Exercise material >>
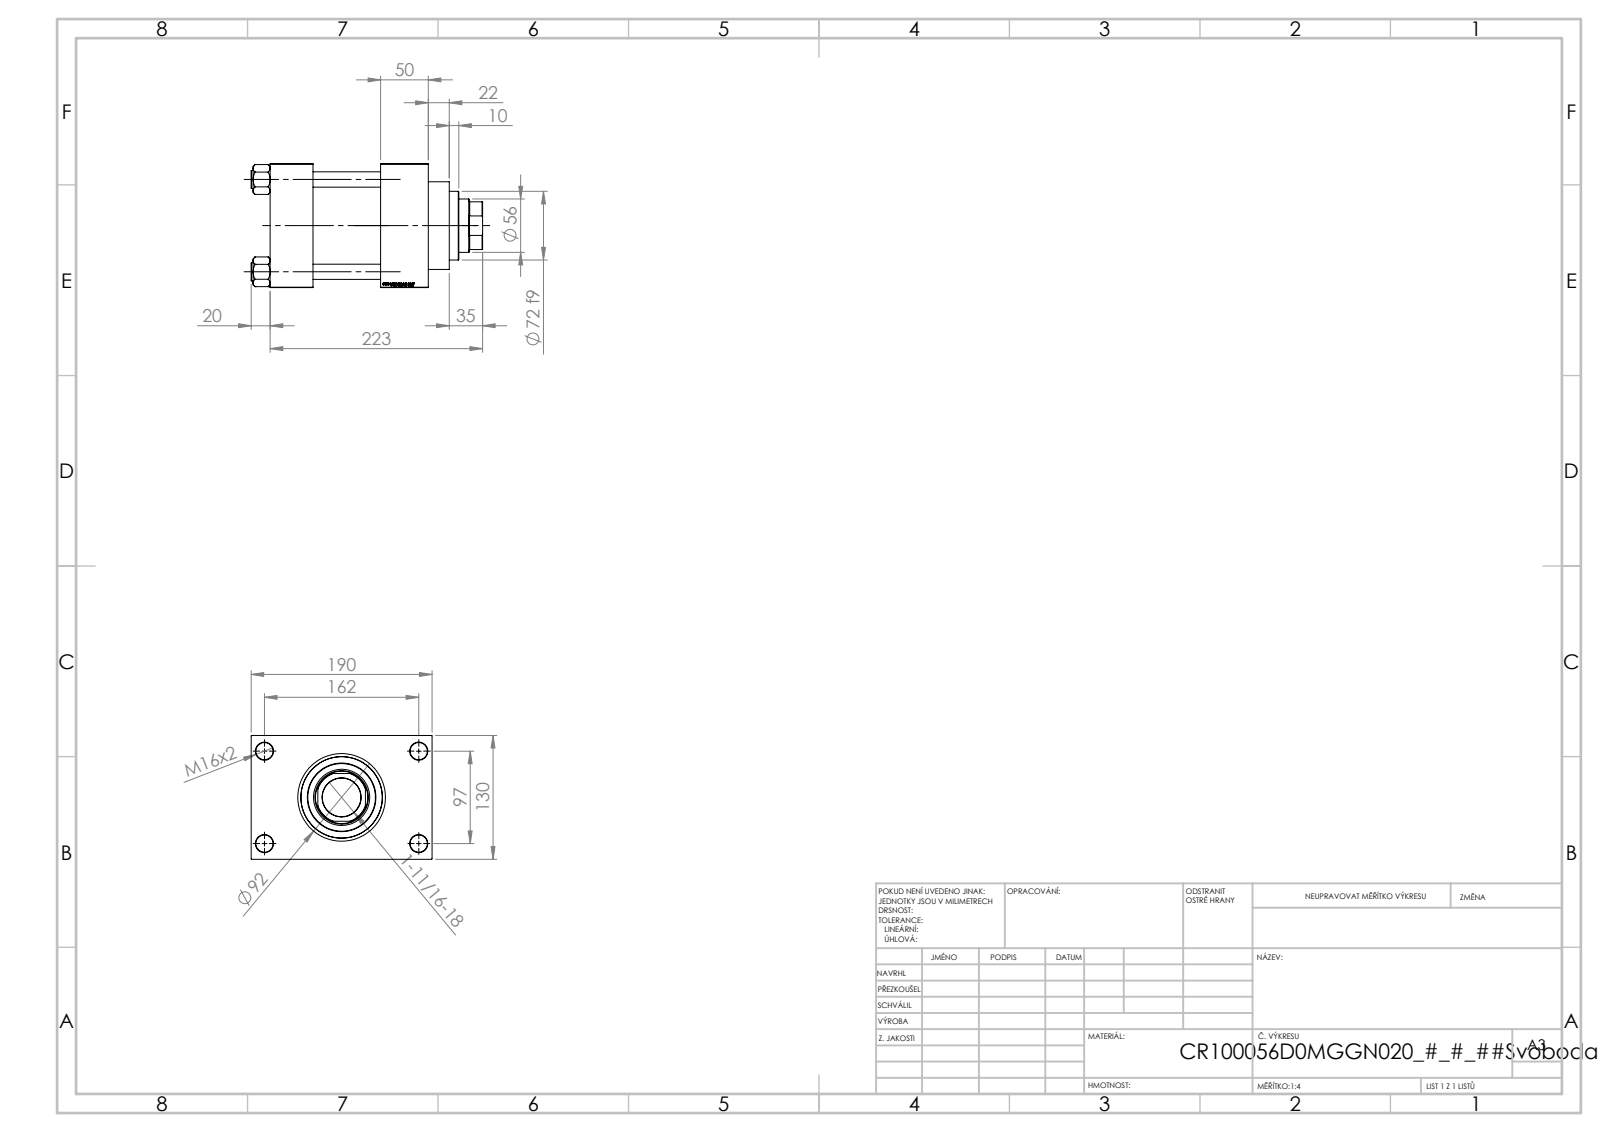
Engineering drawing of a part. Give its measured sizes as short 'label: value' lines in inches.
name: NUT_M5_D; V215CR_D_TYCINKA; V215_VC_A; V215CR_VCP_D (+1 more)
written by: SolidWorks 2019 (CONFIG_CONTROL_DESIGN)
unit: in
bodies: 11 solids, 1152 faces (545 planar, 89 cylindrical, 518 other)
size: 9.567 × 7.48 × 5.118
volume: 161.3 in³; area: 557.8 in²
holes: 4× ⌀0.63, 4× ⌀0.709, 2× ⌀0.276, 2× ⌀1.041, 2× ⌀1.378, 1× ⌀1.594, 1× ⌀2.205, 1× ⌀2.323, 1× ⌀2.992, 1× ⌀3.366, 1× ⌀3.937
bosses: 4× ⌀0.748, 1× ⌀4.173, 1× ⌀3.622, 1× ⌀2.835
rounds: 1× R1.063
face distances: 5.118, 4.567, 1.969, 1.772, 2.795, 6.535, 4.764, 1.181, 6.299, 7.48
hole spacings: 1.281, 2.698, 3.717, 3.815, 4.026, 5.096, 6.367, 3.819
==
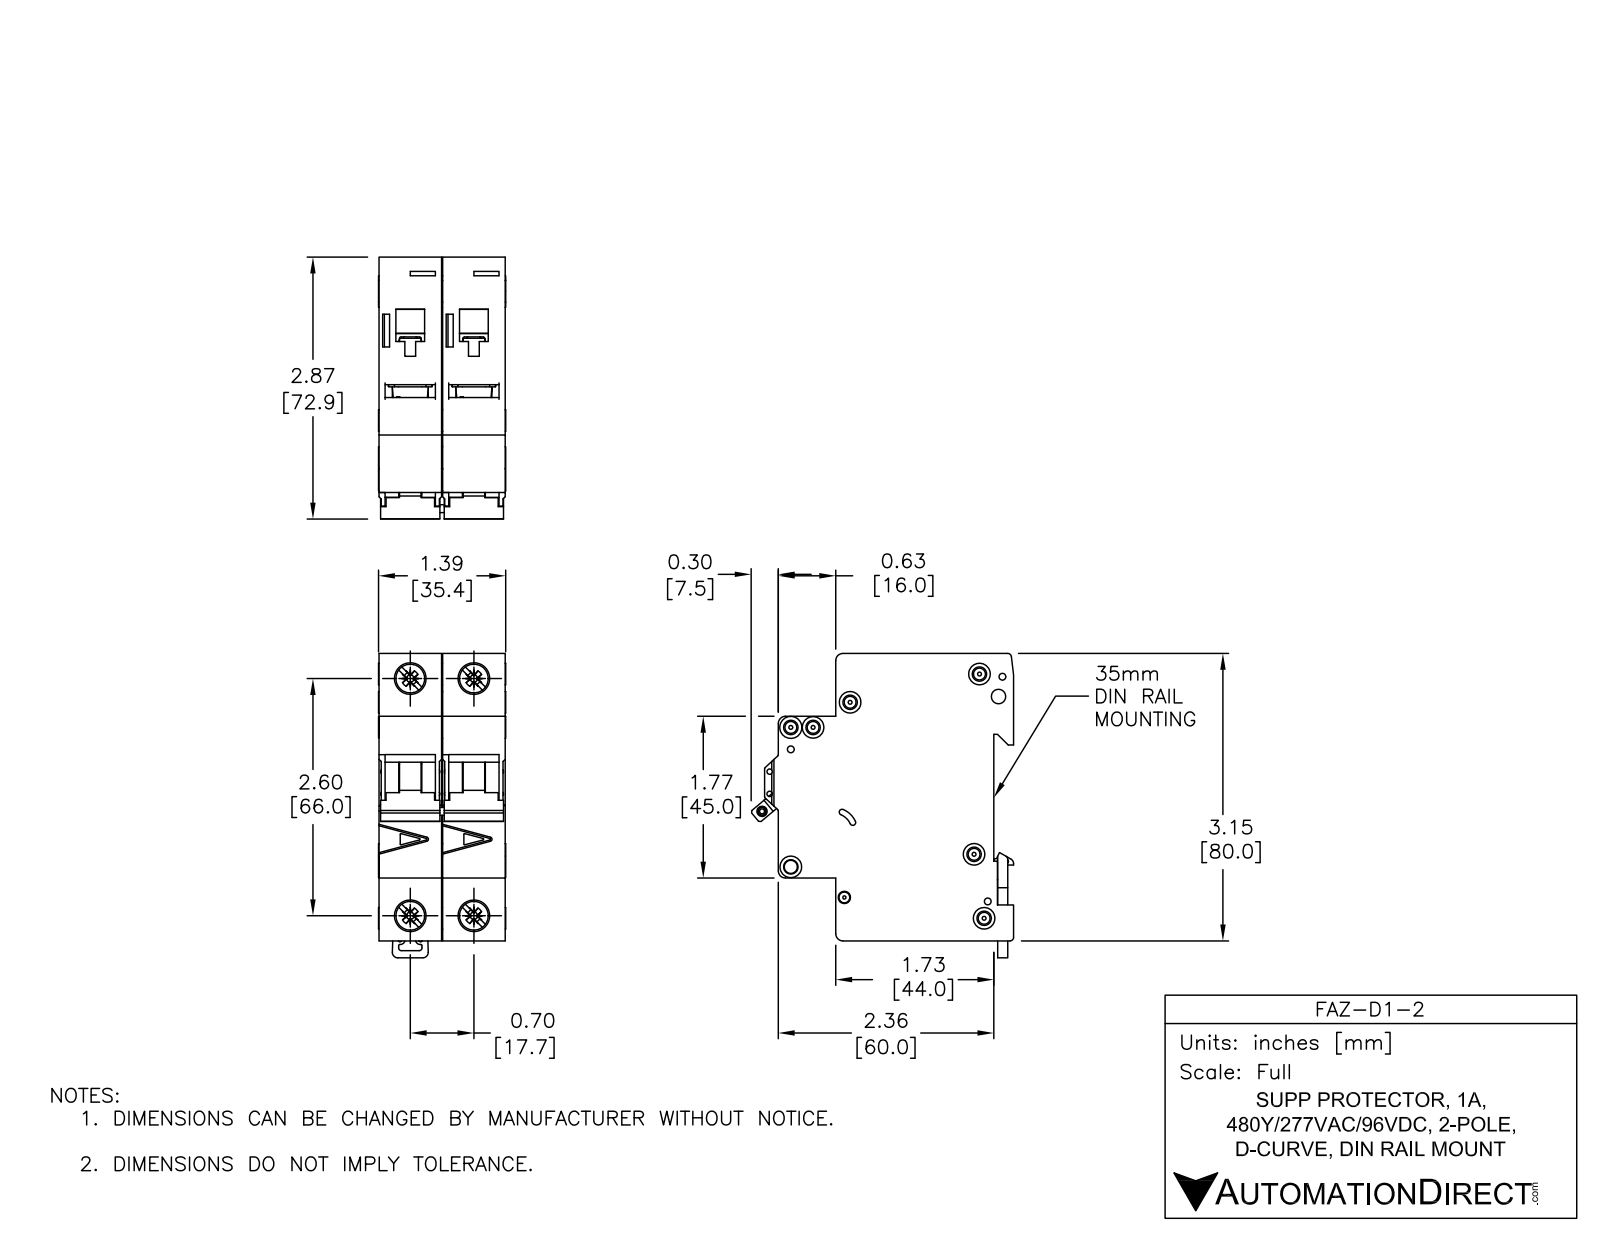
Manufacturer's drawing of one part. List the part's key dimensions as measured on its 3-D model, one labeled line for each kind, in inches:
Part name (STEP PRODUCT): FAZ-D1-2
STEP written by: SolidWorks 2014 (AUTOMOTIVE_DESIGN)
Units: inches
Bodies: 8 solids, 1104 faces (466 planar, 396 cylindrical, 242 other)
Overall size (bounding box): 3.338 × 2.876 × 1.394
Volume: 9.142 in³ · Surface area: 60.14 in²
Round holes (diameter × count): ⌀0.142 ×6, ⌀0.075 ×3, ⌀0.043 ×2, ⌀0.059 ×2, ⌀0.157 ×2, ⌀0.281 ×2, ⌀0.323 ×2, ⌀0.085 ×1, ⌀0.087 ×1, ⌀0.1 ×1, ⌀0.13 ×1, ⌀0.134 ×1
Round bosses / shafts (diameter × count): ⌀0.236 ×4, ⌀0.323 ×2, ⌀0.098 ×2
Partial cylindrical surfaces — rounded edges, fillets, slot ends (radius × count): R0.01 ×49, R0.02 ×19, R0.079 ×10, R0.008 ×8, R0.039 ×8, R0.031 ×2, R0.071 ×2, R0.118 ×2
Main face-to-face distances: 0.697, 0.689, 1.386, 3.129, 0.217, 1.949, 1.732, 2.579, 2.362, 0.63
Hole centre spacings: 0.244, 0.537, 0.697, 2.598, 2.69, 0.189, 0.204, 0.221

Task objective >>
How many lines in the entries contain the string "name"? Answer with the number only.

Task answer >>
2